RECORDED DATA section start

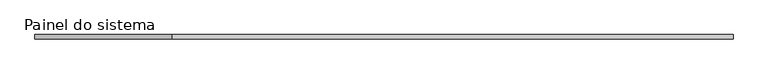
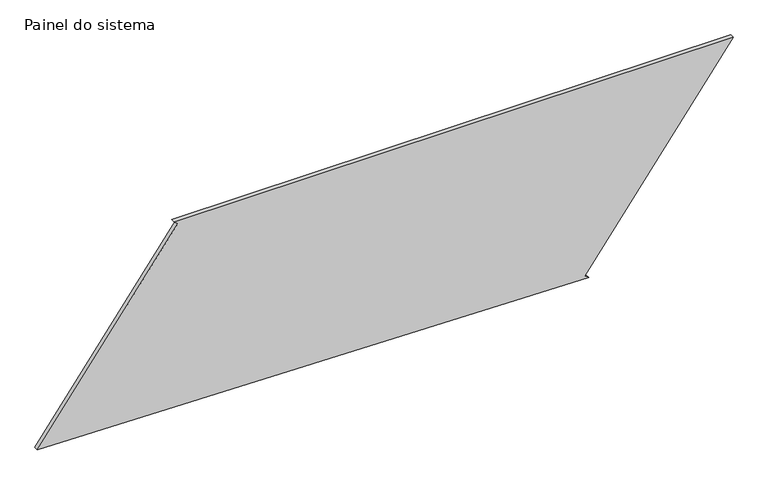
"""IFC4 building model written with IfcOpenShell, lengths in millimetres: plate geometry, Painel do sistema : Envidraçado."""

from ifc_helpers import new_model, si_unit, frame, origin, place, context, project, spatial, polyline, outline, extrude, source, transform, mapped, element, save


def painel_do_sistema_4a3dac21(model_context):
    return source(origin(), model_context, "Body", "SweptSolid", [
        extrude(outline(polyline([(0.0, 1151.4554334), (14.8374505, 1131.3345471), (1152.4919484, 1970.2584434), (1152.4919484, -1195.1450429), (1137.6544979, -1175.0241566), (59.2469484, -1970.2584434), (0.0, 1151.4554334)])), frame((0.0, 24.5, 0.0), z_axis=(0.0, 1.0, 0.0), x_axis=(0.0, 0.0, 1.0)), (0.0, 0.0, 1.0), 25.0),
    ])


if __name__ == "__main__":
    model = new_model("IFC4")
    model_context = context("Model", 3, world=origin())
    ifc_project = project(units=[si_unit("LENGTHUNIT", "METRE", prefix="MILLI")], contexts=[model_context])
    site = spatial("IfcSite", under=ifc_project)
    building = spatial("IfcBuilding", under=site)
    placement = place(None, origin())
    painel_do_sistema_shape = painel_do_sistema_4a3dac21(model_context)
    element("IfcPlate", 1, ObjectType="Painel do sistema : Envidraçado", at=placement, inside=building, context=model_context, shape_type="MappedRepresentation", body=[
        mapped(painel_do_sistema_shape, transform((0.0, 0.0, 0.0), x_axis=(1.0, 0.0, 0.0), y_axis=(0.0, 1.0, 0.0), z_axis=(0.0, 0.0, 1.0))),
    ])
    save(model, "model.ifc")

# Revit data of these elements
# Type "Painel do sistema : Envidraçado"
#   Construction Type Id = "GSP4R"
#   Analytic Construction = "Vidraça única Pilkington 1/8 pol"
#   Visual Light Transmittance = 0.9
#   Solar Heat Gain Coefficient = 0.86
#   Heat Transfer Coefficient (U) = 6.7069 W/(m²·K)
# Element 1 (IfcPlate, "Painel do sistema : Envidraçado")
#   Materials on its faces: "Vidro"
# Materials
#   "Vidro": class "Vidro", colour RGB 0 128 192, transparency 0.9, Description = "Vidro de sílica", Cost = 0

RECORDED DATA section end

[WHAT THIS TASK INVOLVES]: When you repeat the data, keep every line exact and drop the images.

[SOLUTION TO THE PROBLEM]:
"""IFC4 building model written with IfcOpenShell, lengths in millimetres: plate geometry, Painel do sistema : Envidraçado."""

from ifc_helpers import new_model, si_unit, frame, origin, place, context, project, spatial, polyline, outline, extrude, source, transform, mapped, element, save


def painel_do_sistema_4a3dac21(model_context):
    return source(origin(), model_context, "Body", "SweptSolid", [
        extrude(outline(polyline([(0.0, 1151.4554334), (14.8374505, 1131.3345471), (1152.4919484, 1970.2584434), (1152.4919484, -1195.1450429), (1137.6544979, -1175.0241566), (59.2469484, -1970.2584434), (0.0, 1151.4554334)])), frame((0.0, 24.5, 0.0), z_axis=(0.0, 1.0, 0.0), x_axis=(0.0, 0.0, 1.0)), (0.0, 0.0, 1.0), 25.0),
    ])


if __name__ == "__main__":
    model = new_model("IFC4")
    model_context = context("Model", 3, world=origin())
    ifc_project = project(units=[si_unit("LENGTHUNIT", "METRE", prefix="MILLI")], contexts=[model_context])
    site = spatial("IfcSite", under=ifc_project)
    building = spatial("IfcBuilding", under=site)
    placement = place(None, origin())
    painel_do_sistema_shape = painel_do_sistema_4a3dac21(model_context)
    element("IfcPlate", 1, ObjectType="Painel do sistema : Envidraçado", at=placement, inside=building, context=model_context, shape_type="MappedRepresentation", body=[
        mapped(painel_do_sistema_shape, transform((0.0, 0.0, 0.0), x_axis=(1.0, 0.0, 0.0), y_axis=(0.0, 1.0, 0.0), z_axis=(0.0, 0.0, 1.0))),
    ])
    save(model, "model.ifc")

# Revit data of these elements
# Type "Painel do sistema : Envidraçado"
#   Construction Type Id = "GSP4R"
#   Analytic Construction = "Vidraça única Pilkington 1/8 pol"
#   Visual Light Transmittance = 0.9
#   Solar Heat Gain Coefficient = 0.86
#   Heat Transfer Coefficient (U) = 6.7069 W/(m²·K)
# Element 1 (IfcPlate, "Painel do sistema : Envidraçado")
#   Materials on its faces: "Vidro"
# Materials
#   "Vidro": class "Vidro", colour RGB 0 128 192, transparency 0.9, Description = "Vidro de sílica", Cost = 0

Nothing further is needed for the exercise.